**Dataset entries**
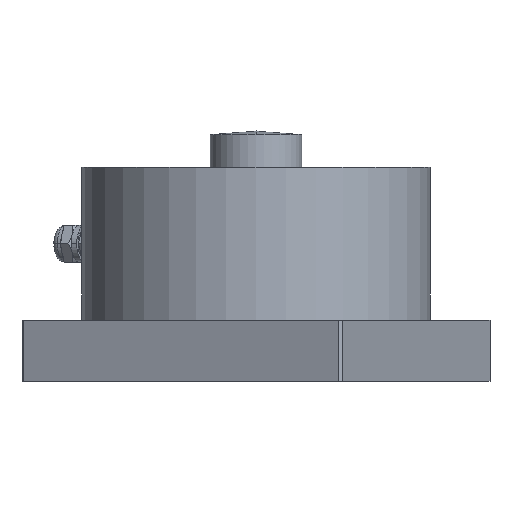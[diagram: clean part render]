
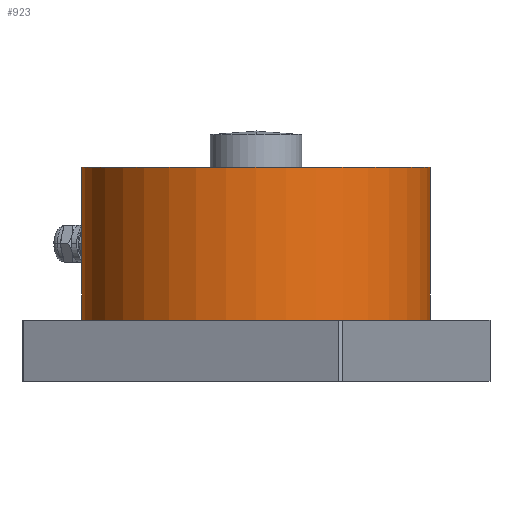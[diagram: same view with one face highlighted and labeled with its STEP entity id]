
A CAD part, left-side view. The second image highlights one B-rep face of the part: STEP entity #923.
In plain terms, the highlighted cylindrical face has radius 57 mm (diameter 114 mm), a partial arc.
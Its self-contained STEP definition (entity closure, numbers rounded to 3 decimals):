
#675 = VERTEX_POINT ( 'NONE', #4173 ) ;
#699 = AXIS2_PLACEMENT_3D ( 'NONE', #4086, #4588, #3622 ) ;
#923 = ADVANCED_FACE ( 'NONE', ( #2870 ), #4906, .T. ) ;
#943 = DIRECTION ( 'NONE',  ( 0., 0., -1. ) ) ;
#1007 = CARTESIAN_POINT ( 'NONE',  ( 0., 0., -50. ) ) ;
#1046 = LINE ( 'NONE', #4564, #5887 ) ;
#1529 = EDGE_CURVE ( 'NONE', #4118, #675, #3562, .T. ) ;
#1971 = DIRECTION ( 'NONE',  ( 0., 0., -1. ) ) ;
#1997 = DIRECTION ( 'NONE',  ( 0., 1., 0. ) ) ;
#2436 = DIRECTION ( 'NONE',  ( 0., 1., 0. ) ) ;
#2576 = CARTESIAN_POINT ( 'NONE',  ( 0., 57., -50. ) ) ;
#2622 = AXIS2_PLACEMENT_3D ( 'NONE', #6432, #1971, #2436 ) ;
#2832 = EDGE_CURVE ( 'NONE', #6266, #3266, #6170, .T. ) ;
#2870 = FACE_OUTER_BOUND ( 'NONE', #4090, .T. ) ;
#3037 = LINE ( 'NONE', #5107, #5772 ) ;
#3100 = DIRECTION ( 'NONE',  ( 0., 0., -1. ) ) ;
#3166 = AXIS2_PLACEMENT_3D ( 'NONE', #1007, #943, #1997 ) ;
#3266 = VERTEX_POINT ( 'NONE', #2576 ) ;
#3562 = CIRCLE ( 'NONE', #699, 57. ) ;
#3602 = DIRECTION ( 'NONE',  ( 0., 0., -1. ) ) ;
#3622 = DIRECTION ( 'NONE',  ( 0., 1., 0. ) ) ;
#3787 = ORIENTED_EDGE ( 'NONE', *, *, #5555, .T. ) ;
#4086 = CARTESIAN_POINT ( 'NONE',  ( 0., 0., 0. ) ) ;
#4090 = EDGE_LOOP ( 'NONE', ( #4297, #4562, #3787, #5006 ) ) ;
#4118 = VERTEX_POINT ( 'NONE', #5966 ) ;
#4173 = CARTESIAN_POINT ( 'NONE',  ( 0., 57., 0. ) ) ;
#4297 = ORIENTED_EDGE ( 'NONE', *, *, #6049, .F. ) ;
#4562 = ORIENTED_EDGE ( 'NONE', *, *, #1529, .T. ) ;
#4564 = CARTESIAN_POINT ( 'NONE',  ( 0., -57., -48.8 ) ) ;
#4588 = DIRECTION ( 'NONE',  ( 0., 0., -1. ) ) ;
#4906 = CYLINDRICAL_SURFACE ( 'NONE', #2622, 57. ) ;
#5006 = ORIENTED_EDGE ( 'NONE', *, *, #2832, .F. ) ;
#5107 = CARTESIAN_POINT ( 'NONE',  ( 0., 57., -48.8 ) ) ;
#5555 = EDGE_CURVE ( 'NONE', #675, #3266, #3037, .T. ) ;
#5772 = VECTOR ( 'NONE', #3100, 1000. ) ;
#5885 = CARTESIAN_POINT ( 'NONE',  ( 0., -57., -50. ) ) ;
#5887 = VECTOR ( 'NONE', #3602, 1000. ) ;
#5966 = CARTESIAN_POINT ( 'NONE',  ( 0., -57., 0. ) ) ;
#6049 = EDGE_CURVE ( 'NONE', #4118, #6266, #1046, .T. ) ;
#6170 = CIRCLE ( 'NONE', #3166, 57. ) ;
#6266 = VERTEX_POINT ( 'NONE', #5885 ) ;
#6432 = CARTESIAN_POINT ( 'NONE',  ( 0., 0., -48.8 ) ) ;

**Task details**
Word-for-word copy, no pictures: write out the entries above in full.

**Reply to the task**
[diagram: clean part render]
[diagram: same view with one face highlighted and labeled with its STEP entity id]
A CAD part, left-side view. The second image highlights one B-rep face of the part: STEP entity #923.
In plain terms, the highlighted cylindrical face has radius 57 mm (diameter 114 mm), a partial arc.
Its self-contained STEP definition (entity closure, numbers rounded to 3 decimals):
#675 = VERTEX_POINT ( 'NONE', #4173 ) ;
#699 = AXIS2_PLACEMENT_3D ( 'NONE', #4086, #4588, #3622 ) ;
#923 = ADVANCED_FACE ( 'NONE', ( #2870 ), #4906, .T. ) ;
#943 = DIRECTION ( 'NONE',  ( 0., 0., -1. ) ) ;
#1007 = CARTESIAN_POINT ( 'NONE',  ( 0., 0., -50. ) ) ;
#1046 = LINE ( 'NONE', #4564, #5887 ) ;
#1529 = EDGE_CURVE ( 'NONE', #4118, #675, #3562, .T. ) ;
#1971 = DIRECTION ( 'NONE',  ( 0., 0., -1. ) ) ;
#1997 = DIRECTION ( 'NONE',  ( 0., 1., 0. ) ) ;
#2436 = DIRECTION ( 'NONE',  ( 0., 1., 0. ) ) ;
#2576 = CARTESIAN_POINT ( 'NONE',  ( 0., 57., -50. ) ) ;
#2622 = AXIS2_PLACEMENT_3D ( 'NONE', #6432, #1971, #2436 ) ;
#2832 = EDGE_CURVE ( 'NONE', #6266, #3266, #6170, .T. ) ;
#2870 = FACE_OUTER_BOUND ( 'NONE', #4090, .T. ) ;
#3037 = LINE ( 'NONE', #5107, #5772 ) ;
#3100 = DIRECTION ( 'NONE',  ( 0., 0., -1. ) ) ;
#3166 = AXIS2_PLACEMENT_3D ( 'NONE', #1007, #943, #1997 ) ;
#3266 = VERTEX_POINT ( 'NONE', #2576 ) ;
#3562 = CIRCLE ( 'NONE', #699, 57. ) ;
#3602 = DIRECTION ( 'NONE',  ( 0., 0., -1. ) ) ;
#3622 = DIRECTION ( 'NONE',  ( 0., 1., 0. ) ) ;
#3787 = ORIENTED_EDGE ( 'NONE', *, *, #5555, .T. ) ;
#4086 = CARTESIAN_POINT ( 'NONE',  ( 0., 0., 0. ) ) ;
#4090 = EDGE_LOOP ( 'NONE', ( #4297, #4562, #3787, #5006 ) ) ;
#4118 = VERTEX_POINT ( 'NONE', #5966 ) ;
#4173 = CARTESIAN_POINT ( 'NONE',  ( 0., 57., 0. ) ) ;
#4297 = ORIENTED_EDGE ( 'NONE', *, *, #6049, .F. ) ;
#4562 = ORIENTED_EDGE ( 'NONE', *, *, #1529, .T. ) ;
#4564 = CARTESIAN_POINT ( 'NONE',  ( 0., -57., -48.8 ) ) ;
#4588 = DIRECTION ( 'NONE',  ( 0., 0., -1. ) ) ;
#4906 = CYLINDRICAL_SURFACE ( 'NONE', #2622, 57. ) ;
#5006 = ORIENTED_EDGE ( 'NONE', *, *, #2832, .F. ) ;
#5107 = CARTESIAN_POINT ( 'NONE',  ( 0., 57., -48.8 ) ) ;
#5555 = EDGE_CURVE ( 'NONE', #675, #3266, #3037, .T. ) ;
#5772 = VECTOR ( 'NONE', #3100, 1000. ) ;
#5885 = CARTESIAN_POINT ( 'NONE',  ( 0., -57., -50. ) ) ;
#5887 = VECTOR ( 'NONE', #3602, 1000. ) ;
#5966 = CARTESIAN_POINT ( 'NONE',  ( 0., -57., 0. ) ) ;
#6049 = EDGE_CURVE ( 'NONE', #4118, #6266, #1046, .T. ) ;
#6170 = CIRCLE ( 'NONE', #3166, 57. ) ;
#6266 = VERTEX_POINT ( 'NONE', #5885 ) ;
#6432 = CARTESIAN_POINT ( 'NONE',  ( 0., 0., -48.8 ) ) ;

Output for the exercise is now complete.